→ **WHAT YOU WILL DO**
The data below is to be transcribed word for word; pictures are to be excluded.
───── DATA IN THIS EXERCISE
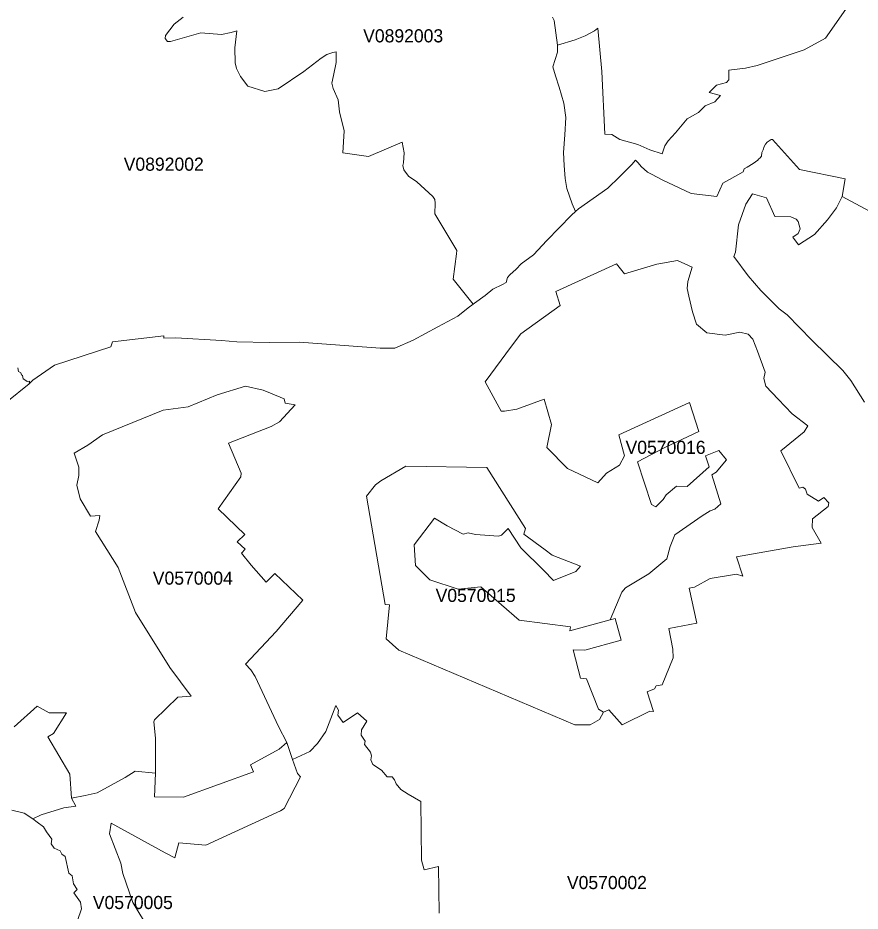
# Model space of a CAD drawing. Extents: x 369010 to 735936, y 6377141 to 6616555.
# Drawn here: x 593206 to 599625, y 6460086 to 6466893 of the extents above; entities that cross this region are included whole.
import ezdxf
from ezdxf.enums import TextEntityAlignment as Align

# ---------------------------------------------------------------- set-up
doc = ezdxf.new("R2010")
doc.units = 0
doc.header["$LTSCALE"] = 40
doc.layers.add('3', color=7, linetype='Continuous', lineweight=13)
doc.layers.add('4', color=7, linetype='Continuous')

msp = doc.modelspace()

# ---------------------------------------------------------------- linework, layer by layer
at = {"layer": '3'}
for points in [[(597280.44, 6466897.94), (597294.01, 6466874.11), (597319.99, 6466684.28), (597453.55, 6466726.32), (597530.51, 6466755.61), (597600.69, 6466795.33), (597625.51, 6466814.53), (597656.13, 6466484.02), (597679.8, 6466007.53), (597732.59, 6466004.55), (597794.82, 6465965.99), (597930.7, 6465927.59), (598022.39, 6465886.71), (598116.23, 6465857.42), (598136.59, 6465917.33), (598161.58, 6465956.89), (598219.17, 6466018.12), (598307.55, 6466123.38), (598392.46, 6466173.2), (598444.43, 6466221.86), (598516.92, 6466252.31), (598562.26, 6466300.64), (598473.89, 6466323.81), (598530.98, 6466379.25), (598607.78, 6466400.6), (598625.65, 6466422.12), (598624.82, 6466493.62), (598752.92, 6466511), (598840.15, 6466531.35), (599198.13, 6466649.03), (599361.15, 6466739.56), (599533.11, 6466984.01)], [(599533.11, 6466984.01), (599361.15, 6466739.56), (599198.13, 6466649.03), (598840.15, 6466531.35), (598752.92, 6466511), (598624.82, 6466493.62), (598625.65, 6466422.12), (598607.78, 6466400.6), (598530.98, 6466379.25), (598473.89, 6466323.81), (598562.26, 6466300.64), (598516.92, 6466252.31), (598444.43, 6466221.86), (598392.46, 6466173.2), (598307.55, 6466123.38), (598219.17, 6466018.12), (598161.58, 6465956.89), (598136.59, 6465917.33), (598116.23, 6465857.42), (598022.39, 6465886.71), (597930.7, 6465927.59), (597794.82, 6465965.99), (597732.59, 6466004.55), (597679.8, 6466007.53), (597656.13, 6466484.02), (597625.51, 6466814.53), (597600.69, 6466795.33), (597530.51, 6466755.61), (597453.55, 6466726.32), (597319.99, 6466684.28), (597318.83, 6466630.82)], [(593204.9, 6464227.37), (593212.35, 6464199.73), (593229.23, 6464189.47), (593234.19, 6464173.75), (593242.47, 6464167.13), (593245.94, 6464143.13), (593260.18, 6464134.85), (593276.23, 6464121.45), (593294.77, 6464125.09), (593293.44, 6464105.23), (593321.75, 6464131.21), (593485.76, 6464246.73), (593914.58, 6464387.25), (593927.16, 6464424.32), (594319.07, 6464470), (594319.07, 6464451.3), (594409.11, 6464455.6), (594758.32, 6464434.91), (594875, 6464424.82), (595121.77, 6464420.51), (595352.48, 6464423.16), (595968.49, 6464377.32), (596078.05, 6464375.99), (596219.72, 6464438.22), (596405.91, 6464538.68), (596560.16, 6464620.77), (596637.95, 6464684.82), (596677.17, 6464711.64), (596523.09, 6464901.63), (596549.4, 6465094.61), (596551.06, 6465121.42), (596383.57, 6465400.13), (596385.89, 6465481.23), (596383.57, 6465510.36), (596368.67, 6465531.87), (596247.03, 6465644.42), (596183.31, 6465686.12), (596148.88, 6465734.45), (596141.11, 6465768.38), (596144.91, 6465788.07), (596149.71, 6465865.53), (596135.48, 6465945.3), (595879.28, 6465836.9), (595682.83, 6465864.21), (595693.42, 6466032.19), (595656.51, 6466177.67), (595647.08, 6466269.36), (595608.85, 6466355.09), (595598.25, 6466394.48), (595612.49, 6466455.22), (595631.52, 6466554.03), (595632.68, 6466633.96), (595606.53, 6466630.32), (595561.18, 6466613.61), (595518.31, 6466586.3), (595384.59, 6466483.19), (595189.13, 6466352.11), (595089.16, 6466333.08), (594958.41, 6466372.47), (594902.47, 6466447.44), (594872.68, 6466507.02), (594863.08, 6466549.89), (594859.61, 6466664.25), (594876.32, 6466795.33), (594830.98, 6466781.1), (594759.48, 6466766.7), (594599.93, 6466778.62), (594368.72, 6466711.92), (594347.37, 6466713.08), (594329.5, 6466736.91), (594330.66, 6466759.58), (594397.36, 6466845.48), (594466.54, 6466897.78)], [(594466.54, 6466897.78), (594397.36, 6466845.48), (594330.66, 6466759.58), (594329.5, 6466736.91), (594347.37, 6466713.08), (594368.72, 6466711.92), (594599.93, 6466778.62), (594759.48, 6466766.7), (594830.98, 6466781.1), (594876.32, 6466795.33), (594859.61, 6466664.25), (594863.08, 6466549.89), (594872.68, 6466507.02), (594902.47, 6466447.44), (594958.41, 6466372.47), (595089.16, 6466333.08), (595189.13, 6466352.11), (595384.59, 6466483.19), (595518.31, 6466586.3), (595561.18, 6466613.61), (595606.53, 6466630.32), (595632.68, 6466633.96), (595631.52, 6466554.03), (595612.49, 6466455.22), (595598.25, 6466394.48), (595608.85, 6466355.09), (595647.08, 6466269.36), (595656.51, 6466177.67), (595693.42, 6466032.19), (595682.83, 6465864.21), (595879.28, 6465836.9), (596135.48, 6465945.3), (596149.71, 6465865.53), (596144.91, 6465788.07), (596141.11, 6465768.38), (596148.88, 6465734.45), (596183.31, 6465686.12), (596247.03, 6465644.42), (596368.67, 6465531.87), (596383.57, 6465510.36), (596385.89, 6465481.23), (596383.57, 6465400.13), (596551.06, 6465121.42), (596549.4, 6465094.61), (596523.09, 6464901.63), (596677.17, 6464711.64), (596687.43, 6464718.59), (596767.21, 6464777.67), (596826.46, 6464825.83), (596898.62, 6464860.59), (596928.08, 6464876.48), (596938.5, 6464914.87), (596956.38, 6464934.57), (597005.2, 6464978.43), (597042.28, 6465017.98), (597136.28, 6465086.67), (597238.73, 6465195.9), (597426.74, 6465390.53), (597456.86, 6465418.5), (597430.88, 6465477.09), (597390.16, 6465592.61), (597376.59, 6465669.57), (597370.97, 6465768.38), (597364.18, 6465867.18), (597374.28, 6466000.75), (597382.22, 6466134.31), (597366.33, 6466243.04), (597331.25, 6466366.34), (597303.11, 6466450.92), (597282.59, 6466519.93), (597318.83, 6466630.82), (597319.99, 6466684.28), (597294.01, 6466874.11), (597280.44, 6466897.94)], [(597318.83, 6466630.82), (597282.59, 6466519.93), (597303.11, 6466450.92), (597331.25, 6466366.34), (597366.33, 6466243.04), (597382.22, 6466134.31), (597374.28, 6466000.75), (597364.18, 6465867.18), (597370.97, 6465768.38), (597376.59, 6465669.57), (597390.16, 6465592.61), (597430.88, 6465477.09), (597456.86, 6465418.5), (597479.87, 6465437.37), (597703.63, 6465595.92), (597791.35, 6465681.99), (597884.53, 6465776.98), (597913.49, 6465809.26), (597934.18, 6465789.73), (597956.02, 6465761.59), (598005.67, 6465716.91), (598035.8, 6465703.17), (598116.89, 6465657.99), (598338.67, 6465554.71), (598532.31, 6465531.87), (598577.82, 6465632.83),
──────────
→ **YOUR RESPONSE**
# Model space of a CAD drawing. Extents: x 369010 to 735936, y 6377141 to 6616555.
# Drawn here: x 593206 to 599625, y 6460086 to 6466893 of the extents above; entities that cross this region are included whole.
import ezdxf
from ezdxf.enums import TextEntityAlignment as Align

# ---------------------------------------------------------------- set-up
doc = ezdxf.new("R2010")
doc.units = 0
doc.header["$LTSCALE"] = 40
doc.layers.add('3', color=7, linetype='Continuous', lineweight=13)
doc.layers.add('4', color=7, linetype='Continuous')

msp = doc.modelspace()

# ---------------------------------------------------------------- linework, layer by layer
at = {"layer": '3'}
for points in [[(597280.44, 6466897.94), (597294.01, 6466874.11), (597319.99, 6466684.28), (597453.55, 6466726.32), (597530.51, 6466755.61), (597600.69, 6466795.33), (597625.51, 6466814.53), (597656.13, 6466484.02), (597679.8, 6466007.53), (597732.59, 6466004.55), (597794.82, 6465965.99), (597930.7, 6465927.59), (598022.39, 6465886.71), (598116.23, 6465857.42), (598136.59, 6465917.33), (598161.58, 6465956.89), (598219.17, 6466018.12), (598307.55, 6466123.38), (598392.46, 6466173.2), (598444.43, 6466221.86), (598516.92, 6466252.31), (598562.26, 6466300.64), (598473.89, 6466323.81), (598530.98, 6466379.25), (598607.78, 6466400.6), (598625.65, 6466422.12), (598624.82, 6466493.62), (598752.92, 6466511), (598840.15, 6466531.35), (599198.13, 6466649.03), (599361.15, 6466739.56), (599533.11, 6466984.01)], [(599533.11, 6466984.01), (599361.15, 6466739.56), (599198.13, 6466649.03), (598840.15, 6466531.35), (598752.92, 6466511), (598624.82, 6466493.62), (598625.65, 6466422.12), (598607.78, 6466400.6), (598530.98, 6466379.25), (598473.89, 6466323.81), (598562.26, 6466300.64), (598516.92, 6466252.31), (598444.43, 6466221.86), (598392.46, 6466173.2), (598307.55, 6466123.38), (598219.17, 6466018.12), (598161.58, 6465956.89), (598136.59, 6465917.33), (598116.23, 6465857.42), (598022.39, 6465886.71), (597930.7, 6465927.59), (597794.82, 6465965.99), (597732.59, 6466004.55), (597679.8, 6466007.53), (597656.13, 6466484.02), (597625.51, 6466814.53), (597600.69, 6466795.33), (597530.51, 6466755.61), (597453.55, 6466726.32), (597319.99, 6466684.28), (597318.83, 6466630.82)], [(593204.9, 6464227.37), (593212.35, 6464199.73), (593229.23, 6464189.47), (593234.19, 6464173.75), (593242.47, 6464167.13), (593245.94, 6464143.13), (593260.18, 6464134.85), (593276.23, 6464121.45), (593294.77, 6464125.09), (593293.44, 6464105.23), (593321.75, 6464131.21), (593485.76, 6464246.73), (593914.58, 6464387.25), (593927.16, 6464424.32), (594319.07, 6464470), (594319.07, 6464451.3), (594409.11, 6464455.6), (594758.32, 6464434.91), (594875, 6464424.82), (595121.77, 6464420.51), (595352.48, 6464423.16), (595968.49, 6464377.32), (596078.05, 6464375.99), (596219.72, 6464438.22), (596405.91, 6464538.68), (596560.16, 6464620.77), (596637.95, 6464684.82), (596677.17, 6464711.64), (596523.09, 6464901.63), (596549.4, 6465094.61), (596551.06, 6465121.42), (596383.57, 6465400.13), (596385.89, 6465481.23), (596383.57, 6465510.36), (596368.67, 6465531.87), (596247.03, 6465644.42), (596183.31, 6465686.12), (596148.88, 6465734.45), (596141.11, 6465768.38), (596144.91, 6465788.07), (596149.71, 6465865.53), (596135.48, 6465945.3), (595879.28, 6465836.9), (595682.83, 6465864.21), (595693.42, 6466032.19), (595656.51, 6466177.67), (595647.08, 6466269.36), (595608.85, 6466355.09), (595598.25, 6466394.48), (595612.49, 6466455.22), (595631.52, 6466554.03), (595632.68, 6466633.96), (595606.53, 6466630.32), (595561.18, 6466613.61), (595518.31, 6466586.3), (595384.59, 6466483.19), (595189.13, 6466352.11), (595089.16, 6466333.08), (594958.41, 6466372.47), (594902.47, 6466447.44), (594872.68, 6466507.02), (594863.08, 6466549.89), (594859.61, 6466664.25), (594876.32, 6466795.33), (594830.98, 6466781.1), (594759.48, 6466766.7), (594599.93, 6466778.62), (594368.72, 6466711.92), (594347.37, 6466713.08), (594329.5, 6466736.91), (594330.66, 6466759.58), (594397.36, 6466845.48), (594466.54, 6466897.78)], [(594466.54, 6466897.78), (594397.36, 6466845.48), (594330.66, 6466759.58), (594329.5, 6466736.91), (594347.37, 6466713.08), (594368.72, 6466711.92), (594599.93, 6466778.62), (594759.48, 6466766.7), (594830.98, 6466781.1), (594876.32, 6466795.33), (594859.61, 6466664.25), (594863.08, 6466549.89), (594872.68, 6466507.02), (594902.47, 6466447.44), (594958.41, 6466372.47), (595089.16, 6466333.08), (595189.13, 6466352.11), (595384.59, 6466483.19), (595518.31, 6466586.3), (595561.18, 6466613.61), (595606.53, 6466630.32), (595632.68, 6466633.96), (595631.52, 6466554.03), (595612.49, 6466455.22), (595598.25, 6466394.48), (595608.85, 6466355.09), (595647.08, 6466269.36), (595656.51, 6466177.67), (595693.42, 6466032.19), (595682.83, 6465864.21), (595879.28, 6465836.9), (596135.48, 6465945.3), (596149.71, 6465865.53), (596144.91, 6465788.07), (596141.11, 6465768.38), (596148.88, 6465734.45), (596183.31, 6465686.12), (596247.03, 6465644.42), (596368.67, 6465531.87), (596383.57, 6465510.36), (596385.89, 6465481.23), (596383.57, 6465400.13), (596551.06, 6465121.42), (596549.4, 6465094.61), (596523.09, 6464901.63), (596677.17, 6464711.64), (596687.43, 6464718.59), (596767.21, 6464777.67), (596826.46, 6464825.83), (596898.62, 6464860.59), (596928.08, 6464876.48), (596938.5, 6464914.87), (596956.38, 6464934.57), (597005.2, 6464978.43), (597042.28, 6465017.98), (597136.28, 6465086.67), (597238.73, 6465195.9), (597426.74, 6465390.53), (597456.86, 6465418.5), (597430.88, 6465477.09), (597390.16, 6465592.61), (597376.59, 6465669.57), (597370.97, 6465768.38), (597364.18, 6465867.18), (597374.28, 6466000.75), (597382.22, 6466134.31), (597366.33, 6466243.04), (597331.25, 6466366.34), (597303.11, 6466450.92), (597282.59, 6466519.93), (597318.83, 6466630.82), (597319.99, 6466684.28), (597294.01, 6466874.11), (597280.44, 6466897.94)], [(597318.83, 6466630.82), (597282.59, 6466519.93), (597303.11, 6466450.92), (597331.25, 6466366.34), (597366.33, 6466243.04), (597382.22, 6466134.31), (597374.28, 6466000.75), (597364.18, 6465867.18), (597370.97, 6465768.38), (597376.59, 6465669.57), (597390.16, 6465592.61), (597430.88, 6465477.09), (597456.86, 6465418.5), (597479.87, 6465437.37), (597703.63, 6465595.92), (597791.35, 6465681.99), (597884.53, 6465776.98), (597913.49, 6465809.26), (597934.18, 6465789.73), (597956.02, 6465761.59), (598005.67, 6465716.91), (598035.8, 6465703.17), (598116.89, 6465657.99), (598338.67, 6465554.71), (598532.31, 6465531.87), (598577.82, 6465632.83),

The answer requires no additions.